-- Opening Marker --

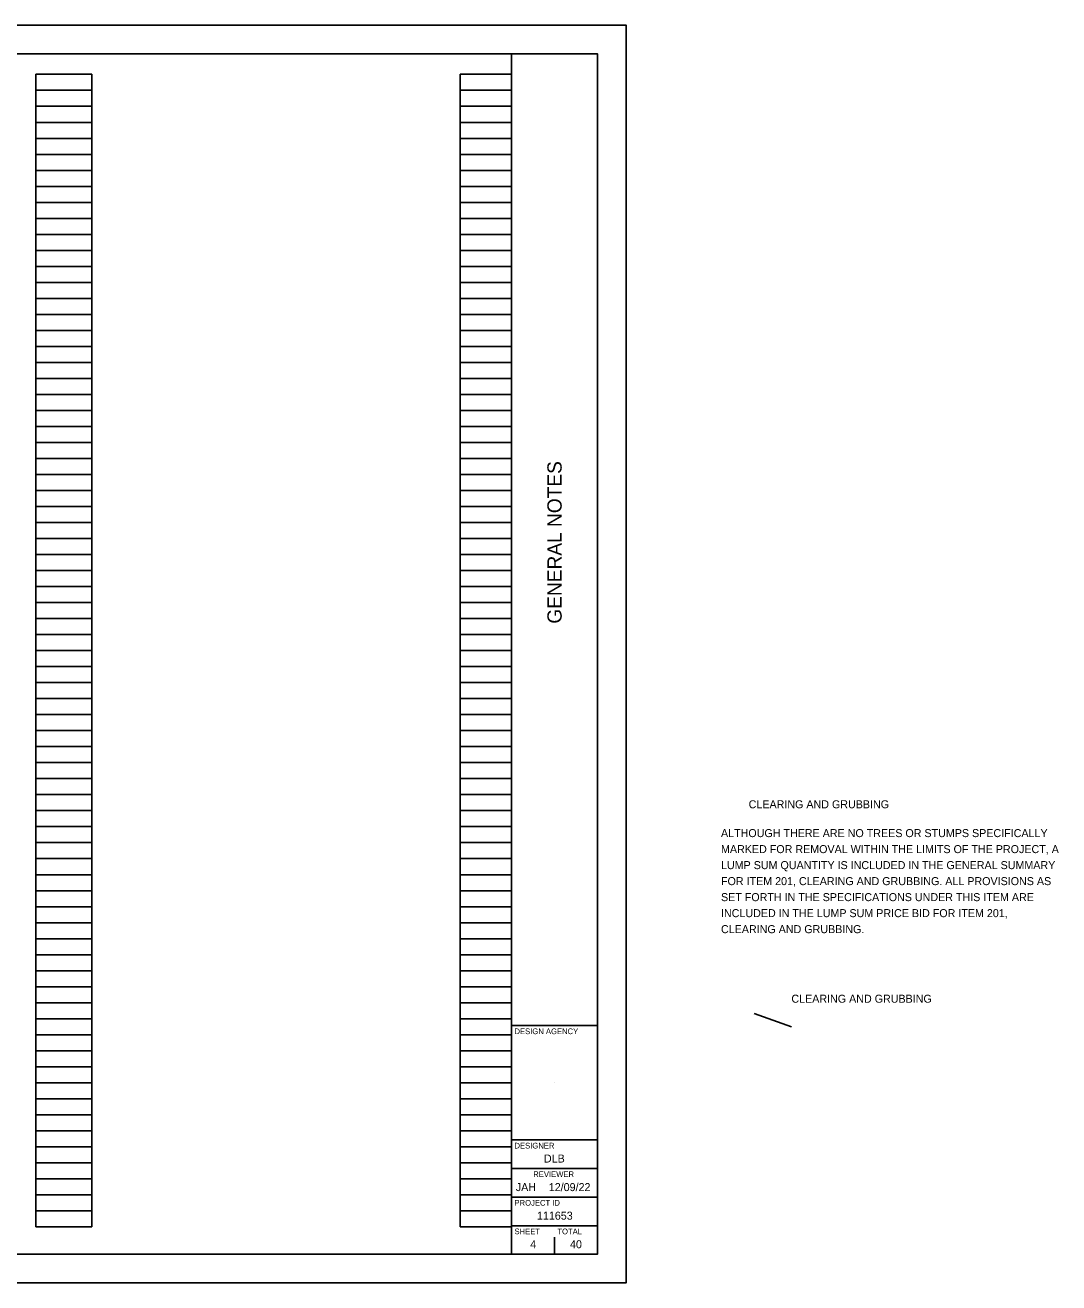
# Model space of a CAD drawing. Extents: x 0 to 41.6, y 0 to 22.
# Drawn here: x 23.49 to 41.57, y 0 to 22 of the extents above; entities that cross this region are included whole.
import ezdxf

# ---------------------------------------------------------------- set-up
doc = ezdxf.new("R2010")
doc.units = 0
for name, color, linetype in [('SC_Scratch2', 7, 'Continuous'), ('SH_Border', 7, 'Continuous'), ('SH_Cut_Line', 7, 'Continuous'), ('SH_Data', 7, 'Continuous'), ('SH_Text', 7, 'Continuous')]:
    doc.layers.add(name, color=color, linetype=linetype)

msp = doc.modelspace()

# ---------------------------------------------------------------- linework, layer by layer
at = {"layer": 'SC_Scratch2'}
for p, q in [((23.68, 0.98), (23.68, 21.14)), ((23.68, 21.14), (24.66, 21.14)), ((24.66, 0.98), (24.66, 21.14)), ((31.1, 0.98), (31.1, 21.14)), ((31.1, 21.14), (32, 21.14)), ((32, 0.98), (32, 21.14)), ((23.68, 20.86), (24.66, 20.86)), ((31.1, 20.86), (32, 20.86)), ((23.68, 20.58), (24.66, 20.58)), ((31.1, 20.58), (32, 20.58)), ((23.68, 20.3), (24.66, 20.3)), ((31.1, 20.3), (32, 20.3)), ((23.68, 20.02), (24.66, 20.02)), ((31.1, 20.02), (32, 20.02)), ((23.68, 19.74), (24.66, 19.74)), ((31.1, 19.74), (32, 19.74)), ((23.68, 19.46), (24.66, 19.46)), ((31.1, 19.46), (32, 19.46)), ((23.68, 19.18), (24.66, 19.18)), ((31.1, 19.18), (32, 19.18)), ((23.68, 18.9), (24.66, 18.9)), ((31.1, 18.9), (32, 18.9)), ((23.68, 18.62), (24.66, 18.62)), ((31.1, 18.62), (32, 18.62)), ((23.68, 18.34), (24.66, 18.34)), ((31.1, 18.34), (32, 18.34)), ((23.68, 18.06), (24.66, 18.06)), ((31.1, 18.06), (32, 18.06)), ((23.68, 17.78), (24.66, 17.78)), ((31.1, 17.78), (32, 17.78)), ((23.68, 17.5), (24.66, 17.5)), ((31.1, 17.5), (32, 17.5)), ((23.68, 17.22), (24.66, 17.22)), ((31.1, 17.22), (32, 17.22)), ((23.68, 16.94), (24.66, 16.94)), ((31.1, 16.94), (32, 16.94)), ((23.68, 16.66), (24.66, 16.66)), ((31.1, 16.66), (32, 16.66)), ((23.68, 16.38), (24.66, 16.38)), ((31.1, 16.38), (32, 16.38)), ((23.68, 16.1), (24.66, 16.1)), ((31.1, 16.1), (32, 16.1)), ((23.68, 15.82), (24.66, 15.82)), ((31.1, 15.82), (32, 15.82)), ((23.68, 15.54), (24.66, 15.54)), ((31.1, 15.54), (32, 15.54)), ((23.68, 15.26), (24.66, 15.26)), ((31.1, 15.26), (32, 15.26)), ((23.68, 14.98), (24.66, 14.98)), ((31.1, 14.98), (32, 14.98)), ((23.68, 14.7), (24.66, 14.7)), ((31.1, 14.7), (32, 14.7)), ((23.68, 14.42), (24.66, 14.42)), ((31.1, 14.42), (32, 14.42)), ((23.68, 14.14), (24.66, 14.14)), ((31.1, 14.14), (32, 14.14)), ((23.68, 13.86), (24.66, 13.86)), ((31.1, 13.86), (32, 13.86)), ((23.68, 13.58), (24.66, 13.58)), ((31.1, 13.58), (32, 13.58)), ((23.68, 13.3), (24.66, 13.3)), ((31.1, 13.3), (32, 13.3)), ((23.68, 13.02), (24.66, 13.02)), ((31.1, 13.02), (32, 13.02)), ((23.68, 12.74), (24.66, 12.74)), ((31.1, 12.74), (32, 12.74)), ((23.68, 12.46), (24.66, 12.46)), ((31.1, 12.46), (32, 12.46)), ((23.68, 12.18), (24.66, 12.18)), ((31.1, 12.18), (32, 12.18)), ((23.68, 11.9), (24.66, 11.9)), ((31.1, 11.9), (32, 11.9)), ((23.68, 11.62), (24.66, 11.62)), ((31.1, 11.62), (32, 11.62)), ((23.68, 11.34), (24.66, 11.34)), ((31.1, 11.34), (32, 11.34)), ((23.68, 11.06), (24.66, 11.06)), ((31.1, 11.06), (32, 11.06)), ((23.68, 10.78), (24.66, 10.78)), ((31.1, 10.78), (32, 10.78)), ((23.68, 10.5), (24.66, 10.5)), ((31.1, 10.5), (32, 10.5)), ((23.68, 10.22), (24.66, 10.22)), ((31.1, 10.22), (32, 10.22)), ((23.68, 9.94), (24.66, 9.94)), ((31.1, 9.94), (32, 9.94)), ((23.68, 9.66), (24.66, 9.66)), ((31.1, 9.66), (32, 9.66)), ((23.68, 9.38), (24.66, 9.38)), ((31.1, 9.38), (32, 9.38)), ((23.68, 9.1), (24.66, 9.1)), ((31.1, 9.1), (32, 9.1)), ((23.68, 8.82), (24.66, 8.82)), ((31.1, 8.82), (32, 8.82)), ((23.68, 8.54), (24.66, 8.54)), ((31.1, 8.54), (32, 8.54)), ((23.68, 8.26), (24.66, 8.26)), ((31.1, 8.26), (32, 8.26)), ((23.68, 7.98), (24.66, 7.98)), ((31.1, 7.98), (32, 7.98)), ((23.68, 7.7), (24.66, 7.7)), ((31.1, 7.7), (32, 7.7)), ((23.68, 7.42), (24.66, 7.42)), ((31.1, 7.42), (32, 7.42)), ((23.68, 7.14), (24.66, 7.14)), ((31.1, 7.14), (32, 7.14)), ((23.68, 6.86), (24.66, 6.86)), ((31.1, 6.86), (32, 6.86)), ((23.68, 6.58), (24.66, 6.58)), ((31.1, 6.58), (32, 6.58)), ((23.68, 6.3), (24.66, 6.3)), ((31.1, 6.3), (32, 6.3)), ((23.68, 6.02), (24.66, 6.02)), ((31.1, 6.02), (32, 6.02)), ((23.68, 5.74), (24.66, 5.74)), ((31.1, 5.74), (32, 5.74)), ((23.68, 5.46), (24.66, 5.46)), ((31.1, 5.46), (32, 5.46)), ((23.68, 5.18), (24.66, 5.18)), ((31.1, 5.18), (32, 5.18)), ((23.68, 4.9), (24.66, 4.9)), ((31.1, 4.9), (32, 4.9)), ((23.68, 4.62), (24.66, 4.62)), ((31.1, 4.62), (32, 4.62)), ((23.68, 4.34), (24.66, 4.34)), ((31.1, 4.34), (32, 4.34)), ((23.68, 4.06), (24.66, 4.06)), ((31.1, 4.06), (32, 4.06)), ((23.68, 3.78), (24.66, 3.78)), ((31.1, 3.78), (32, 3.78)), ((23.68, 3.5), (24.66, 3.5)), ((31.1, 3.5), (32, 3.5)), ((23.68, 3.22), (24.66, 3.22)), ((31.1, 3.22), (32, 3.22)), ((23.68, 2.94), (24.66, 2.94)), ((31.1, 2.94), (32, 2.94)), ((23.68, 2.66), (24.66, 2.66)), ((31.1, 2.66), (32, 2.66)), ((23.68, 2.38), (24.66, 2.38)), ((31.1, 2.38), (32, 2.38)), ((23.68, 2.1), (24.66, 2.1)), ((31.1, 2.1), (32, 2.1)), ((23.68, 1.82), (24.66, 1.82)), ((31.1, 1.82), (32, 1.82)), ((23.68, 1.54), (24.66, 1.54)), ((31.1, 1.54), (32, 1.54)), ((23.68, 1.26), (24.66, 1.26)), ((31.1, 1.26), (32, 1.26)), ((23.68, 0.98), (24.66, 0.98)), ((31.1, 0.98), (32, 0.98))]:
    msp.add_line(p, q, dxfattribs=at)
at = {"layer": 'SH_Border'}
msp.add_line((36.892, 4.48), (36.242, 4.713), dxfattribs=at)
at = {"layer": 'SH_Cut_Line'}
for p, q in [((32.75, 3.5), (32.75, 3.5)), ((32.375, 0.675), (32.375, 0.675)), ((32.75, 0.5), (32.75, 0.8))]:
    msp.add_line(p, q, dxfattribs=at)
at = {"layer": 'SH_Data'}
for p, q in [((32, 0.5), (32, 21.5)), ((32, 4.5), (33.5, 4.5)), ((32, 2.5), (33.5, 2.5)), ((32, 2), (33.5, 2)), ((32, 1.5), (33.5, 1.5)), ((32, 1), (33.5, 1))]:
    msp.add_line(p, q, dxfattribs=at)
msp.add_lwpolyline([(1.5, 21.5), (33.5, 21.5), (33.5, 0.5), (1.5, 0.5)], close=True, dxfattribs=at)
at = {"layer": 'SH_Text'}
msp.add_lwpolyline([(0, 0), (34, 0), (34, 22), (0, 22)], close=True, dxfattribs=at)

# ---------------------------------------------------------------- texts
at = {"layer": 'SH_Border'}
for s, p in [('CLEARING AND GRUBBING', (36.145, 8.301)), ('ALTHOUGH THERE ARE NO TREES OR STUMPS SPECIFICALLY', (35.661, 7.797)), ('MARKED FOR REMOVAL WITHIN THE LIMITS OF THE PROJECT, A', (35.661, 7.517)), ('LUMP SUM QUANTITY IS INCLUDED IN THE GENERAL SUMMARY', (35.661, 7.237)), ('FOR ITEM 201, CLEARING AND GRUBBING. ALL PROVISIONS AS', (35.661, 6.957)), ('SET FORTH IN THE SPECIFICATIONS UNDER THIS ITEM ARE', (35.661, 6.677)), ('INCLUDED IN THE LUMP SUM PRICE BID FOR ITEM 201,', (35.661, 6.397)), ('CLEARING AND GRUBBING.', (35.661, 6.117)), ('CLEARING AND GRUBBING', (36.892, 4.9))]:
    msp.add_text(s, height=0.14, dxfattribs=at).set_placement(p)
at = {"layer": 'SH_Cut_Line'}
msp.add_text('GENERAL NOTES', height=0.25, rotation=90, dxfattribs=at).set_placement((32.875, 11.531))
for s, height, p in [('DESIGN AGENCY', 0.1, (32.05, 4.35)), ('DESIGNER', 0.1, (32.05, 2.35)), ('DLB', 0.14, (32.565, 2.105)), ('REVIEWER', 0.1, (32.378, 1.85)), ('JAH', 0.14, (32.073, 1.605)), ('12/09/22', 0.14, (32.65, 1.605)), ('PROJECT ID', 0.1, (32.05, 1.35)), ('111653', 0.14, (32.443, 1.105)), ('SHEET', 0.1, (32.05, 0.85)), ('TOTAL', 0.1, (32.8, 0.85)), ('4', 0.14, (32.325, 0.605)), ('40', 0.14, (33.021, 0.605))]:
    msp.add_text(s, height=height, dxfattribs=at).set_placement(p)

doc.saveas('drawing.dxf')

-- Closing Marker --

■ Assignment
Lines with "close" in them are what the answer must contain; copy each from the records above.

■ Solved exercise
msp.add_lwpolyline([(1.5, 21.5), (33.5, 21.5), (33.5, 0.5), (1.5, 0.5)], close=True, dxfattribs=at)
msp.add_lwpolyline([(0, 0), (34, 0), (34, 22), (0, 22)], close=True, dxfattribs=at)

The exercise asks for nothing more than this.